Posted on:2013-06-26Degree:Ph.DType:Dissertation
University:The University of ChicagoCandidate:Subialka, Michael JonathanFull Text:PDF
GTID:1455390008986478Subject:Literature
Abstract/Summary:
This dissertation reassesses the literary and theatrical work of Luigi Pirandello (1867-1936), by putting it in dialogue with the philosophical pessimism and aesthetics of Arthur Schopenhauer (1788-1860). By examining the way in which Pirandello's modernist fiction draws inspiration from and re-figures Schopenhauer's worldview, I show how his unique aesthetic of the ambivalent character connects the modernist "revolt" against 19th -century realism to earlier moments in Europe's intellectual history. On one side, this rearticulation connects Pirandello's modernism to the tradition of German-idealist aesthetics running from Jena romanticism to French decadentism, distinguishing Pirandello's work from that of his avant-garde contemporaries, like the Futurists. At the same time, Pirandello's multifaceted relation to 19th- and 20th-century intellectual and literary traditions is further complicated by his own fascination with the Renaissance-era elaboration of the visual grotesque.

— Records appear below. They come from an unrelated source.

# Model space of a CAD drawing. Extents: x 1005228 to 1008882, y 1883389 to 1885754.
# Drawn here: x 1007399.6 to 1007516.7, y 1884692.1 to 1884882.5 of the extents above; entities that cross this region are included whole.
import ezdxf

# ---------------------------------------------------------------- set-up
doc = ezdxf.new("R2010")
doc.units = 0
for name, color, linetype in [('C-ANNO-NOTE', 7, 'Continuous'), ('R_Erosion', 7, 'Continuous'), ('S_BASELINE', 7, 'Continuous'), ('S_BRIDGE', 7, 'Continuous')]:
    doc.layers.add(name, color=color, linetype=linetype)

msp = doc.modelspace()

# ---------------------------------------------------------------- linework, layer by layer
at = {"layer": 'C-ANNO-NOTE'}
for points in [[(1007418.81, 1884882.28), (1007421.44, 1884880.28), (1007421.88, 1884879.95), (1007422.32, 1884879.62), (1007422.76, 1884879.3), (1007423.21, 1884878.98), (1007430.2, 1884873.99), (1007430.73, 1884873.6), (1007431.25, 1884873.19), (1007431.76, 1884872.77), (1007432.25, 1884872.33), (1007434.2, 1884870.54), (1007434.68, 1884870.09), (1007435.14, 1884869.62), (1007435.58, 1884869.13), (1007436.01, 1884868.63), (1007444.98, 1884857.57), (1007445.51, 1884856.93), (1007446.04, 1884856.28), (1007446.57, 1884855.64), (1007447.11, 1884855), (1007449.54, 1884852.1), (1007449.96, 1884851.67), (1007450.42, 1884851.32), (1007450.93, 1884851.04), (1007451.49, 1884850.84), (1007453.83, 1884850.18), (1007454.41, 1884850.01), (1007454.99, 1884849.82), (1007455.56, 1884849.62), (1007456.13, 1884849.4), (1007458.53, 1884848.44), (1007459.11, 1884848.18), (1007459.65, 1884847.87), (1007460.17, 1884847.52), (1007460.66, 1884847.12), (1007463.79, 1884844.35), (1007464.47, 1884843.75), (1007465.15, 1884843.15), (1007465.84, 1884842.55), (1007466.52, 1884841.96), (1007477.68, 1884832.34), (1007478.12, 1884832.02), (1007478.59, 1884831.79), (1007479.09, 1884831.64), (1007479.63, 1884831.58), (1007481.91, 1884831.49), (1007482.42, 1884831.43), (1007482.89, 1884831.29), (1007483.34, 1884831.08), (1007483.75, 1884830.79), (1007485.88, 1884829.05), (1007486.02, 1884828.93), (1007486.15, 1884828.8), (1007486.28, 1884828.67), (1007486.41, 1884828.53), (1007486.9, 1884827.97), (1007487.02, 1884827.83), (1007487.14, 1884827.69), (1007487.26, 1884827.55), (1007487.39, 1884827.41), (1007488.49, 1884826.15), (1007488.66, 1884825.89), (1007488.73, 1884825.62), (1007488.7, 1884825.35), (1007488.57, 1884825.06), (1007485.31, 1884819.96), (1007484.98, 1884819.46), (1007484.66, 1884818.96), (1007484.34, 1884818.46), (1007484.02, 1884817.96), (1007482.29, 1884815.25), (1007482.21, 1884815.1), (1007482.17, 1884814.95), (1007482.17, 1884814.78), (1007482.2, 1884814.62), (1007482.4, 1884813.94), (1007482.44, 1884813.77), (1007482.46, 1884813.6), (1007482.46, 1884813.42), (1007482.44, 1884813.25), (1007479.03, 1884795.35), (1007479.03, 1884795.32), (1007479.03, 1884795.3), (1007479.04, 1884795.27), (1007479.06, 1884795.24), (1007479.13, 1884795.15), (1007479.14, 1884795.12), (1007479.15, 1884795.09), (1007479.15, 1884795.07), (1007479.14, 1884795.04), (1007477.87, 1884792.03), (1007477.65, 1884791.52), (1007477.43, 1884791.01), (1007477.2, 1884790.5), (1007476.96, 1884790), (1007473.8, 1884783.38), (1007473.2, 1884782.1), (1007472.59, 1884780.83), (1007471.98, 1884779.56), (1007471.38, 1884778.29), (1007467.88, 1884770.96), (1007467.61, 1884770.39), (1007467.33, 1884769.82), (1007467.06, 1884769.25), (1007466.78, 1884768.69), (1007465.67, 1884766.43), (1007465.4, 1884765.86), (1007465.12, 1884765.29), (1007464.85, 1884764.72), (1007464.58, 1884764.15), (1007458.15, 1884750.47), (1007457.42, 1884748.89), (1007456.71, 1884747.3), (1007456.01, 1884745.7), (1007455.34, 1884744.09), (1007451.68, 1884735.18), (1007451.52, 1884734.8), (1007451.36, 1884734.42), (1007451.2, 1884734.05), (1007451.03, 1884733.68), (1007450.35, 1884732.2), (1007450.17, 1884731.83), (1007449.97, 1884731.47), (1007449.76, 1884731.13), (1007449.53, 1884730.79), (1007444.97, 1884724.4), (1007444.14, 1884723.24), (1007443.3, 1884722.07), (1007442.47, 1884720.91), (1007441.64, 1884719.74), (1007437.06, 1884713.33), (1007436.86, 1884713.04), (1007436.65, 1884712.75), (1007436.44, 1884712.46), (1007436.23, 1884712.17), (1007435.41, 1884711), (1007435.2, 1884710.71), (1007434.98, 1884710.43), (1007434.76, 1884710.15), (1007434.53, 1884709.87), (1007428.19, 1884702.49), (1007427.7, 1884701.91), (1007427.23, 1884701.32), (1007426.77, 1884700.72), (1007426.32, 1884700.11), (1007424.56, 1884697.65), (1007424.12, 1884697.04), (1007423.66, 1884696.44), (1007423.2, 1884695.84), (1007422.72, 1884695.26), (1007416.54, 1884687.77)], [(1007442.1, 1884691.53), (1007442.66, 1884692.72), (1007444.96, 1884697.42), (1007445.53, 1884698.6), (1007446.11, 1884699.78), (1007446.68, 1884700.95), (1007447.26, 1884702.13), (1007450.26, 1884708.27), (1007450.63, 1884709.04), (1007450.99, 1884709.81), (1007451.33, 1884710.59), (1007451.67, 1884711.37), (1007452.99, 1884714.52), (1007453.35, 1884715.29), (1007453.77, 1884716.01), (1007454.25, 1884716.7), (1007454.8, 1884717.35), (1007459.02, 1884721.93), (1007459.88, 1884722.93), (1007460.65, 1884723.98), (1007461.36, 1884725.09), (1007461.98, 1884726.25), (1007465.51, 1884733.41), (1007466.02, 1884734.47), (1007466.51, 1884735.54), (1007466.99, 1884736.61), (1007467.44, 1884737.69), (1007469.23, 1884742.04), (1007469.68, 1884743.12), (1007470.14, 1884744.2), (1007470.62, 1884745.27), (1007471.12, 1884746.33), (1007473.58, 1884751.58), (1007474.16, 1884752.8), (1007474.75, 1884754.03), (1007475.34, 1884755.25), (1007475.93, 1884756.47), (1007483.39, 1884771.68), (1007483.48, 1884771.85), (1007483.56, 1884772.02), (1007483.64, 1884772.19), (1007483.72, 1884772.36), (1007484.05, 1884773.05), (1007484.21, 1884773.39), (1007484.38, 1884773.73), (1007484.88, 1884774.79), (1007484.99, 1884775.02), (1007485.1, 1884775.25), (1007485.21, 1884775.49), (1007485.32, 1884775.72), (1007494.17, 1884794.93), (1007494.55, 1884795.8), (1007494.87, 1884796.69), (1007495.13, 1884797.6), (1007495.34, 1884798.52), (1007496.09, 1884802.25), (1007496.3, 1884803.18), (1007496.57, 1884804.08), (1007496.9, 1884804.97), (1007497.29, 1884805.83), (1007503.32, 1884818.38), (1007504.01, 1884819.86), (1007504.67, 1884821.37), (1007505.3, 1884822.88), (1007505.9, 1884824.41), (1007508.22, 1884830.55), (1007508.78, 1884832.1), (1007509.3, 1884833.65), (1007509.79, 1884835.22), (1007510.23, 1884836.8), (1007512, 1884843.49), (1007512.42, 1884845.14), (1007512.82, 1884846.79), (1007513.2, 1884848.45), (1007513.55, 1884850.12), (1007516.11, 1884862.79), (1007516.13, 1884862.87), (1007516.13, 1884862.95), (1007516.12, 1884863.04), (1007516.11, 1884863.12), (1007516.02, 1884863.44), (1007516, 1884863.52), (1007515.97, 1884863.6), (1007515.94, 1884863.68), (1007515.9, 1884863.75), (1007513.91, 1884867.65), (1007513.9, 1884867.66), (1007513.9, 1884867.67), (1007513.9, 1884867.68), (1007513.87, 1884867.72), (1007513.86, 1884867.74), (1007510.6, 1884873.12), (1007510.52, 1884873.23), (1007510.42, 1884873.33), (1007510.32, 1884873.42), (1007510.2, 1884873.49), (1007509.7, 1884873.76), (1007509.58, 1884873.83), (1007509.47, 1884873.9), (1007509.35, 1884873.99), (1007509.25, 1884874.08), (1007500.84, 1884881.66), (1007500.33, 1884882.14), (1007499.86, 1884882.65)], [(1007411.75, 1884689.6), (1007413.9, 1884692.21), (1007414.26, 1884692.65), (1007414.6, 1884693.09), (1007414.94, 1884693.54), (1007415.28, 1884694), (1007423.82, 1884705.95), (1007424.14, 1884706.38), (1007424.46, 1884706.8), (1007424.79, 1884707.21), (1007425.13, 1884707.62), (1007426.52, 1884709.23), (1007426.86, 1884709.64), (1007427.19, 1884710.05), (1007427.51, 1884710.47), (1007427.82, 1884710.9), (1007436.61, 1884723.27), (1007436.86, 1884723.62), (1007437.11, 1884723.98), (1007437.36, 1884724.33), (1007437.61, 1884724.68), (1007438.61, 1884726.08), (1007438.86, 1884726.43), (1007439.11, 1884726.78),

Examining these complexities, I add further nuance to our critical understanding of Pirandello's modernism, which I argue constitutes not only a response to modern crisis in the form of a rupture but also an interesting node of historical and aesthetic continuity and transformation. Likewise, my reading contributes to the scholarship on Schopenhauer's legacy and its role in shaping the aesthetic thought and fiction of the fin de siecle and the modernist period.